A gray, evil earth; a gray, evil sky, with bomb-dropping aeroplanes overhead like vultures waiting to swoop down upon their carrion prey. Upon that scene night fell.

On that small section of the trenches not less than 50,000 projectiles had fallen that evening. The shrill whistling of bullets, the baby's wail of falling torpedoes, the spattering "whit" "whit" of ricochetting fuses, the six-fold squall of the 77's, the whine of the small howitzers, and the roar of large shell formed a shrieking arch in the tortured and glutted air.

Nor was the French artillery silent. The batteries of "Soixante-Quinze" replied incessantly. From time to time the bellow as of a prehistoric bull told that the 8.2-inch gun was bodily tearing holes and men in the enemy's trenches. The long thin Rimailho sent its 5.9-inch shell with the swift flight of a vengeful meteor and the new great 10-inch howitzer looped its 240-pound shell upon the dug-outs where the men were sheltering. There is neither shelter nor men after that shell has fallen.

The guards in the advance trenches were redoubled. Extra supplies of bombs and hand-grenades were served out.

Under arms, silent, expectant, grim, stood the Moroccan brigade. Their turn was coming, soon.

The night dragged on.

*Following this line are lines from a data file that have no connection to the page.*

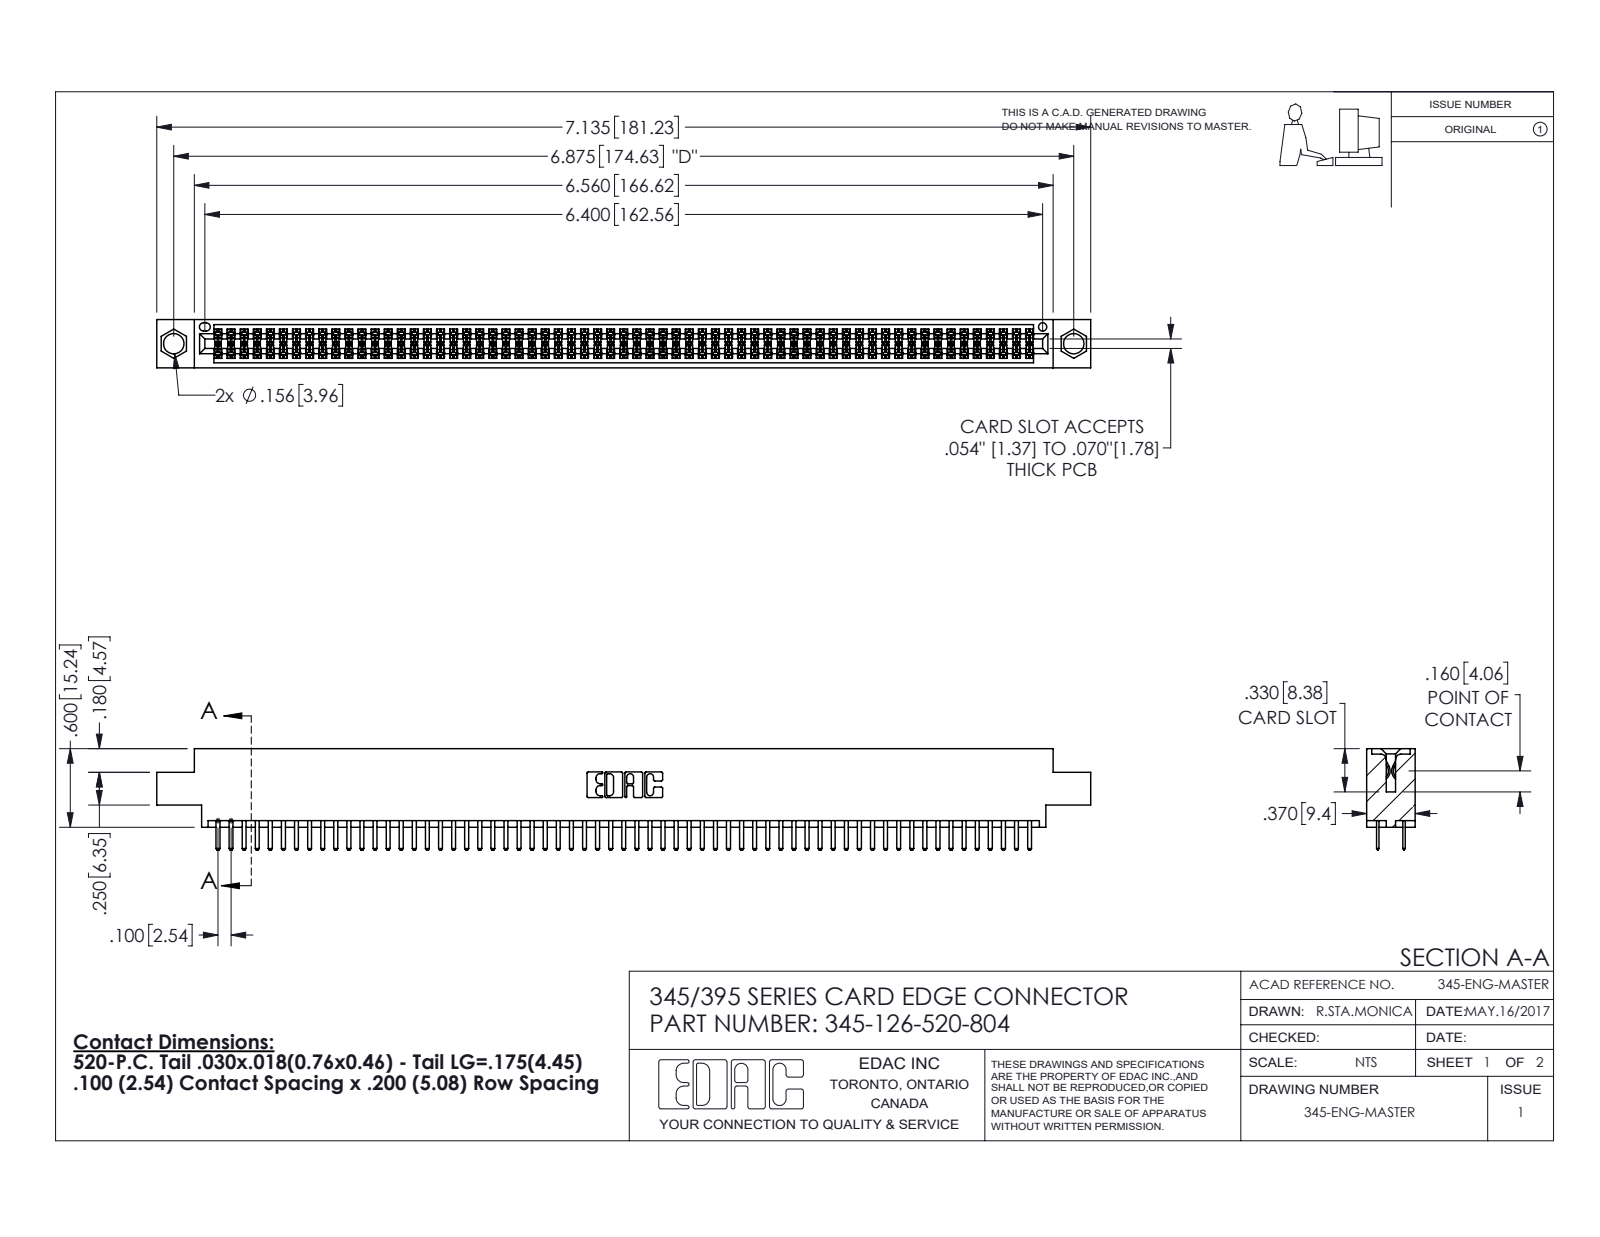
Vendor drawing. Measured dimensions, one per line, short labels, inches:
name: 345 Part_0.170 Offset - 0.156 Dia-TI; 345-126-520-804; 345-292-001_345-293-120
written by: SolidWorks 2020 (CONFIG_CONTROL_DESIGN)
unit: in
bodies: 127 solids, 6948 faces (4508 planar, 2440 cylindrical, 0 other)
size: 7.135 × 0.775 × 0.37
volume: 1.069 in³; area: 40.59 in²
holes: 2× ⌀0.156, 1× ⌀0.064
rounds: 189× R0.006, 130× R0.01, 22× R0.01, 6× R0.007, 6× R0.031, 3× R0.026, 2× R0.014, 2× R0.019
face distances: 0.072, 0.298, 0.2, 0.37, 0.098, 0.272, 0.025, 0.225, 0.022, 0.072
hole spacings: 0.27, 6.639, 6.875

No one went to sleep, for sleep was impossible under the fury of noise.

The Germans, systematic in everything, over-systematic in everything, never commence an assault before midnight. At half-past eleven o'clock, Horace plugged in for the order to be given for the barrage fire to begin.

The whirlwind of vertically-falling flame shut off the German lines in a tawny curtain of annihilation.

Now and then rockets shot up, red, green and white, writing artillery messages on the sky.